Capture screen recordings as video files attached to the conversation.

## Activation

This skill activates when the user asks to record their screen. Common phrases:

**Start recording:**

- "record my screen"
- "start recording"
- "begin recording"
- "capture my screen"
- "capture my display"
- "make a recording"
- "Nova, record my screen" (where Nova is the assistant's identity name)
- "hey Nova, start recording"

**Stop recording:**

- "stop recording"
- "end recording"
- "finish recording"
- "halt recording"

**Restart recording:**

- "restart recording"
- "redo the recording"
- "stop recording and start a new one"
- "stop recording and start a new recording"
- "stop and restart the recording"

**Pause recording:**

- "pause recording"
- "pause the recording"

**Resume recording:**

- "resume recording"
- "unpause the recording"

## Routing

Recording is managed through dedicated HTTP endpoints (`/v1/recordings/*`) rather than text-based intent detection. Two routing mechanisms exist:

### 1. `commandIntent` (structured command) - highest priority

The macOS client can send structured intents with `domain: 'screen_recording'` and `action: 'start' | 'stop' | 'restart' | 'pause' | 'resume'`. These bypass text parsing entirely.

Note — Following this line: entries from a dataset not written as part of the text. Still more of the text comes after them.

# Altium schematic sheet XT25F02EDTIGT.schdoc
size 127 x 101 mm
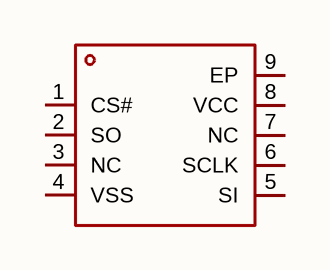
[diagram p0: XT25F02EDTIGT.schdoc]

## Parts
U?  xt25f02edtigt  [DFN-8_L3.0-W2.0-P0.50-BL-EP_XT25]  (value not drawn)

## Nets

Not connected (* = marked no-connect by the designer): U? 1(CS#) 2(SO) 3(NC) 4(VSS) 5(SI) 6(SCLK) 7(NC) 8(VCC) 9(EP)

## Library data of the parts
U? = xt25f02edtigt: 接口类型:SPI;存储容量:2Mbit;时钟频率(fc):120MHz;; Manufacturer: XTX(芯天下); AddInBom: yes; ModelId: 5c98a16e99044ad9a3bbd0d76d1453c7; ModelTransform: 79.527,118.8974,0,0,0,0,0,0,0; Interface: SPI; Memory Size: 2Mbit; Clock Frequency: 120MHz; Voltage - Supply: 2.7V~3.6V; Standby Supply Current: 13uA; Program / Erase Cycles: 100000次; Page Programming Time (Tpp): 1.3ms; Block Erase Time(tBE): 500ms@(64KB); Data Retention - TDR (Year): 20年

The assistant checks for `commandIntent` before any text analysis.

### 2. HTTP endpoints

Clients call the recording HTTP endpoints directly:

- `POST /v1/recordings/start` - start a screen recording
- `POST /v1/recordings/stop` - stop the active recording
- `POST /v1/recordings/pause` - pause the active recording
- `POST /v1/recordings/resume` - resume a paused recording
- `GET /v1/recordings/status` - get current recording status
- `POST /v1/recordings/status` - recording lifecycle callback from the client

### 3. Normal processing

If no recording intent is detected, the message flows to the classifier and computer-use session as usual.

## Behavior Rules

1. **Do not invoke computer use** for recording-only requests. The assistant handles these directly.
2. **One recording at a time.** If a recording is already active, starting another returns an "already recording" message.
3. **Conversation-linked.** Each recording is linked to the conversation that started it for attachment purposes. However, since only one recording can be active at a time, stop commands from any conversation will stop the active recording regardless of which conversation started it.
4. **Permission required.** Screen recording requires macOS Screen Recording permission. If denied, the user sees actionable guidance to enable it in System Settings.
5. **Mixed-intent prompts** (recording + other task) are NOT intercepted by the standalone route - the recording action is deferred and executed alongside the task.
6. **Restart always reopens the source picker** and requires source reselection.
7. **Restart cancel** (user closes the source picker) leaves state idle - no false "recording started" message.
8. **Pause/resume toggle the recording** without stopping it. The HUD shows paused state.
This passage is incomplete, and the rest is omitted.